Working through the lines below, return each one that holds "save".
───── Available data
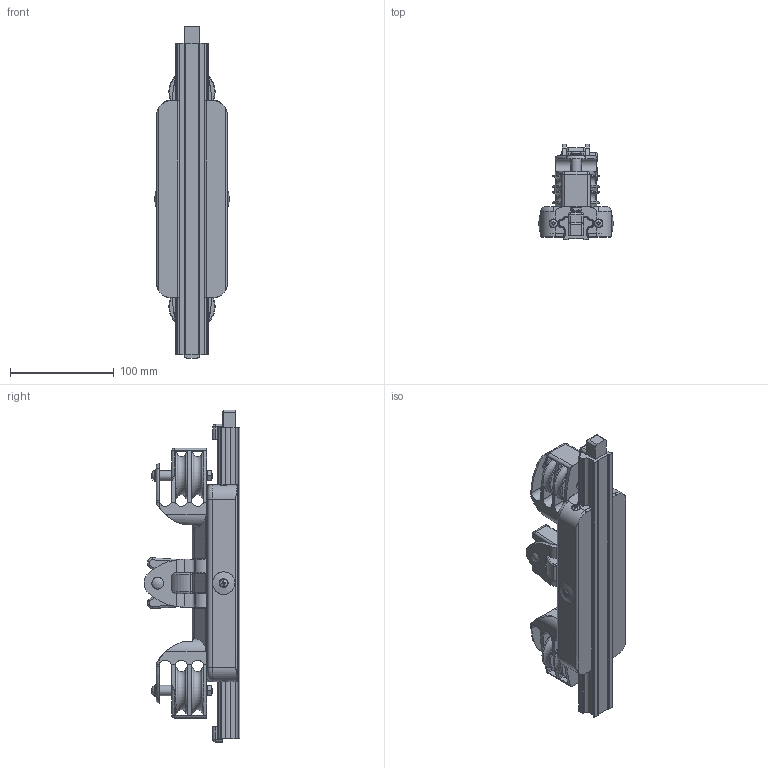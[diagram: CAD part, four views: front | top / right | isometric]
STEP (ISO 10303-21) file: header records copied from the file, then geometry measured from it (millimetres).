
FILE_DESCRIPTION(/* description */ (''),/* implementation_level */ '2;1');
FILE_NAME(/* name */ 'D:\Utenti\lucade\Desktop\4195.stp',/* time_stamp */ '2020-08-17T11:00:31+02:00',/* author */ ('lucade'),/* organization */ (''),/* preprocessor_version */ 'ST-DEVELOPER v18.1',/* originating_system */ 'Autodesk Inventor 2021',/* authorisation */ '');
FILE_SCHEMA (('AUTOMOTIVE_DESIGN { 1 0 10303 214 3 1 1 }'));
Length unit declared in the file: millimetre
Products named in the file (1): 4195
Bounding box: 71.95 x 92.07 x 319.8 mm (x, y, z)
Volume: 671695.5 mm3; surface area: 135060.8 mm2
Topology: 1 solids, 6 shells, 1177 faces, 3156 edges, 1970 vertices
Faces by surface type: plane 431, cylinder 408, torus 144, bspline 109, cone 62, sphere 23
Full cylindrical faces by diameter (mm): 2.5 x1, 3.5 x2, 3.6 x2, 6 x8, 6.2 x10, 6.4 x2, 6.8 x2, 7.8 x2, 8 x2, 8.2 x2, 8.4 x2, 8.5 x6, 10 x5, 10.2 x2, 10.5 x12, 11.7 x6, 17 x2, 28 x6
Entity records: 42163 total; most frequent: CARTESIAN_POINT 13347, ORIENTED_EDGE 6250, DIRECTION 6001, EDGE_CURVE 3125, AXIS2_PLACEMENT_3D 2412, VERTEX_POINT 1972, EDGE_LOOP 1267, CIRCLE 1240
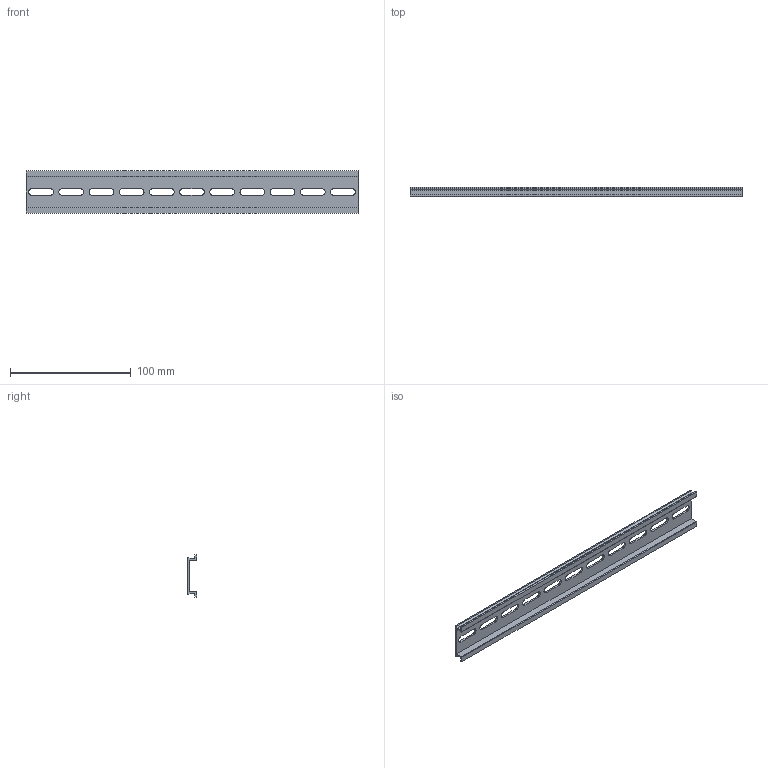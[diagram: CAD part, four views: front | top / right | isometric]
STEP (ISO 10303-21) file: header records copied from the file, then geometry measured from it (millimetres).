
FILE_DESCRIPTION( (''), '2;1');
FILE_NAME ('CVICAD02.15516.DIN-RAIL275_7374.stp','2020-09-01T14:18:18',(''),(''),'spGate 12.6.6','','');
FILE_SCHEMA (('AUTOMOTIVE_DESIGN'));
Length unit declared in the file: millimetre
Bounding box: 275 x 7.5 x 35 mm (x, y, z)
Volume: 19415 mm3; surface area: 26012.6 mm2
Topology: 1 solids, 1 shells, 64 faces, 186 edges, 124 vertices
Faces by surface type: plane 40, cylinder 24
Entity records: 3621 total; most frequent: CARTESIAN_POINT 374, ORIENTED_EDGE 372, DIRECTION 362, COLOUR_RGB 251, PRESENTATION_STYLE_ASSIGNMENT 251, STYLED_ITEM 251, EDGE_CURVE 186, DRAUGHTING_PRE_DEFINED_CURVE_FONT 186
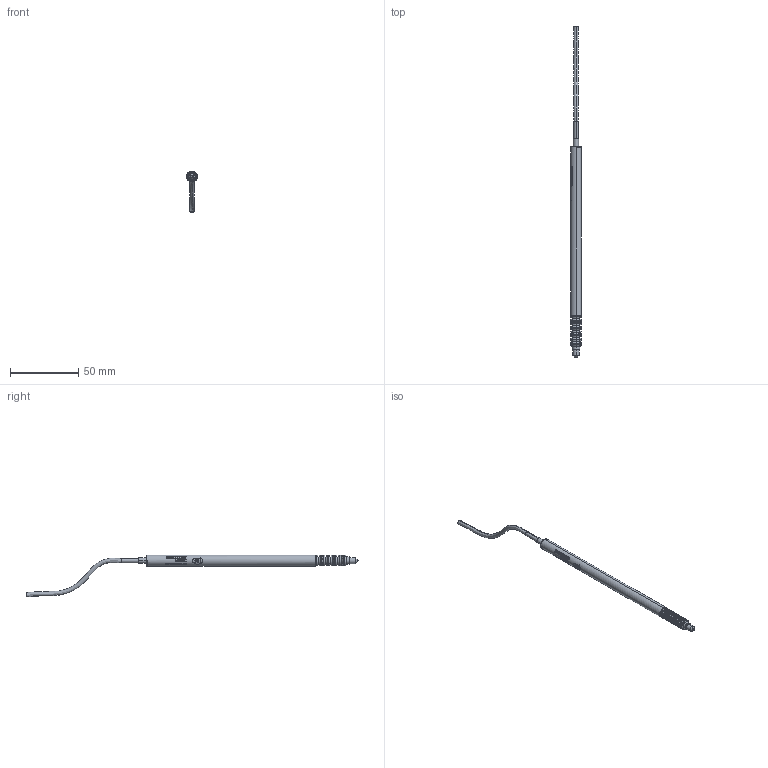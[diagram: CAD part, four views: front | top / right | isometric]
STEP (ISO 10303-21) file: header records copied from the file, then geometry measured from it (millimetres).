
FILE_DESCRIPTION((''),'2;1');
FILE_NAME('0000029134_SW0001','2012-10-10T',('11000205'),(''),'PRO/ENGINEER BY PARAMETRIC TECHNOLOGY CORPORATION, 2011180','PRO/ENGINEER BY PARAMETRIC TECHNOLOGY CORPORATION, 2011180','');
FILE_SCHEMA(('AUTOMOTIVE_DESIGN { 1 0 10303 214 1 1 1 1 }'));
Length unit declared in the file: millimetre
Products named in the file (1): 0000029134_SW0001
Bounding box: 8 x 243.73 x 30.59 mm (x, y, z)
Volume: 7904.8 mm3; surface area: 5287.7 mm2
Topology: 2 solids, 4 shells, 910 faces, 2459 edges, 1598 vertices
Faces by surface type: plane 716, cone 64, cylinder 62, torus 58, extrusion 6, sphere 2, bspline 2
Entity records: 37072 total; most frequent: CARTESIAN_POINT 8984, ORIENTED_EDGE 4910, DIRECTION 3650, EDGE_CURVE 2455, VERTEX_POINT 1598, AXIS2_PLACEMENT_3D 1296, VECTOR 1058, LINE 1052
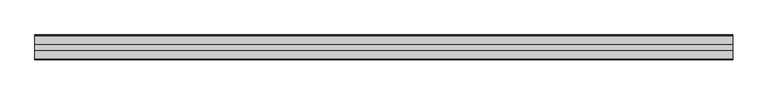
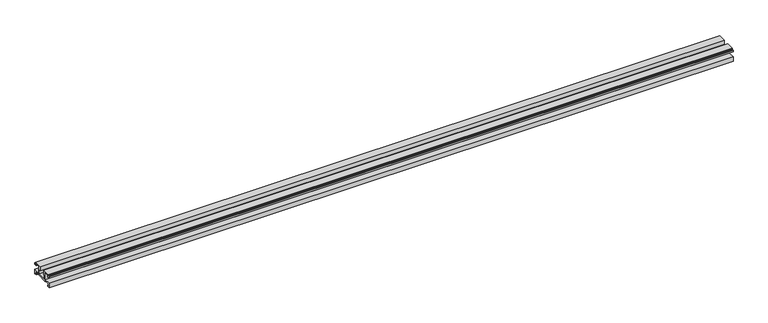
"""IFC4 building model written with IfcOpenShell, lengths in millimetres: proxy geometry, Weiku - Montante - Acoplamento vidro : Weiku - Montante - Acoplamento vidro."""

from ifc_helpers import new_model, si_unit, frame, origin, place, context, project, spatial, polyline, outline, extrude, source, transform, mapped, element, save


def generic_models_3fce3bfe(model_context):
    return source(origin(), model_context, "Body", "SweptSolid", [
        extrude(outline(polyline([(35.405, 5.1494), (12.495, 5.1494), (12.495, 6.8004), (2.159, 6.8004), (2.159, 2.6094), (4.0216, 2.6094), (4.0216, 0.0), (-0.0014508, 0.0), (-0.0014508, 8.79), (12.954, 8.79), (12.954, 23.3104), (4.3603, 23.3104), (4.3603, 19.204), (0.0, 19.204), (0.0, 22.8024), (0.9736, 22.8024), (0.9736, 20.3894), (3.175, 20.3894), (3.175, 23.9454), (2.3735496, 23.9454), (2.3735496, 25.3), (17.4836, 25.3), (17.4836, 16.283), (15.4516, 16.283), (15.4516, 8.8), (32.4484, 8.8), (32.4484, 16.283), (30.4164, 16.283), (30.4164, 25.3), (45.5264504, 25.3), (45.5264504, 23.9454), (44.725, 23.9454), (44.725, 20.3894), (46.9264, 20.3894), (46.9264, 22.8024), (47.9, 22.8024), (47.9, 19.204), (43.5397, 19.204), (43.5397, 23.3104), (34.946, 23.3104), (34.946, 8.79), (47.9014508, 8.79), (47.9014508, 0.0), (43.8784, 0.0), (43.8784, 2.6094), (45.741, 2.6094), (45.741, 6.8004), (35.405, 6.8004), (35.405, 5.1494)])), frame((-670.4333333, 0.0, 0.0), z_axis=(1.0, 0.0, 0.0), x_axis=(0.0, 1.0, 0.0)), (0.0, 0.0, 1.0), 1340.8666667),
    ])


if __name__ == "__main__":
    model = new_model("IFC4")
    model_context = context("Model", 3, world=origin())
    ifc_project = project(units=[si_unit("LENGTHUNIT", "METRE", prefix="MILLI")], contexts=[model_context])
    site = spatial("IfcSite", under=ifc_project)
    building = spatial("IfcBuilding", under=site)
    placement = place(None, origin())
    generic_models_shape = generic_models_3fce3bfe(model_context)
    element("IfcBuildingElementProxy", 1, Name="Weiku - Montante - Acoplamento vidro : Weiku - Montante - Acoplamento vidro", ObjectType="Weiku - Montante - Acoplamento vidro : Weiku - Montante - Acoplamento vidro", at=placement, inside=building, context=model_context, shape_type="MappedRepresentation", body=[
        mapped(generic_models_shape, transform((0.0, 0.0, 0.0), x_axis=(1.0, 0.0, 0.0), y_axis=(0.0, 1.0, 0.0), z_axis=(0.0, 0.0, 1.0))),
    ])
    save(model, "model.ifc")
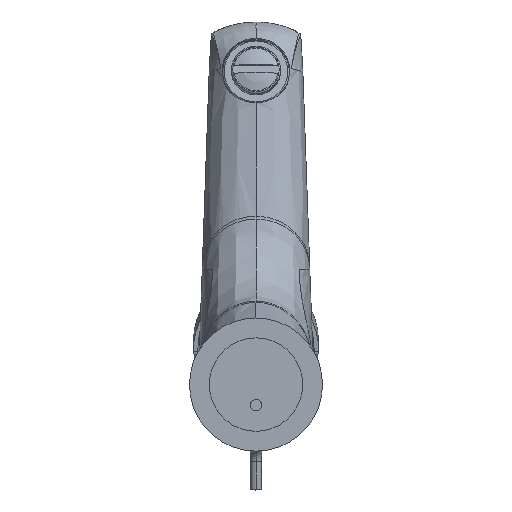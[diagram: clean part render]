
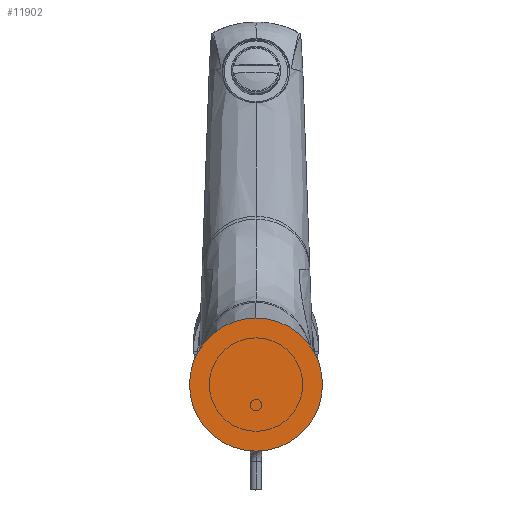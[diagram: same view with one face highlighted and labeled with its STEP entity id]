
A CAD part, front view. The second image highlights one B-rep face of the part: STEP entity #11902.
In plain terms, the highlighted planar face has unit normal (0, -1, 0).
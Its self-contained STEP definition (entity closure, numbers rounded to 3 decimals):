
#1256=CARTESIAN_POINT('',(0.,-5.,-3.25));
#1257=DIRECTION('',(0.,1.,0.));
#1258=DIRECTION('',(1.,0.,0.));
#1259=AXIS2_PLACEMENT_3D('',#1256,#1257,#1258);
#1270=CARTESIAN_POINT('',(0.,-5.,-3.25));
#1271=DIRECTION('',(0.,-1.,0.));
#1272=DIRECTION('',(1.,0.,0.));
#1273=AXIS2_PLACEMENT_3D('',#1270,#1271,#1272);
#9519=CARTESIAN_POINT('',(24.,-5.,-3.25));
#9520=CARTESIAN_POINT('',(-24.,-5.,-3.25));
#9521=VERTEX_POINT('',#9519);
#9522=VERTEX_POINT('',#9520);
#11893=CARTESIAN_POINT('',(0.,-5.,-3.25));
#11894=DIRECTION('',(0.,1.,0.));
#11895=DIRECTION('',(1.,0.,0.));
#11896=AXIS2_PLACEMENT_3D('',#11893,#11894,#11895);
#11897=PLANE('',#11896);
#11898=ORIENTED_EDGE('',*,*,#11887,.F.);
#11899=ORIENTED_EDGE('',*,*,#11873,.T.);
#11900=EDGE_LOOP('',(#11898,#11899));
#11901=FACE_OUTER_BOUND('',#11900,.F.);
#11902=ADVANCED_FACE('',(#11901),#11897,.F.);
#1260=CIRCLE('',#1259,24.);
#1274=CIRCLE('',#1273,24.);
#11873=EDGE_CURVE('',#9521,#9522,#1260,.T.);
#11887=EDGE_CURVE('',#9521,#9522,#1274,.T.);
──────────
■ Your solution ■
from ifc_helpers import new_model, si_unit, frame, origin, place, context, project, spatial, polyline, outline, extrude, source, transform, mapped, element, save
    save(model, "model.ifc")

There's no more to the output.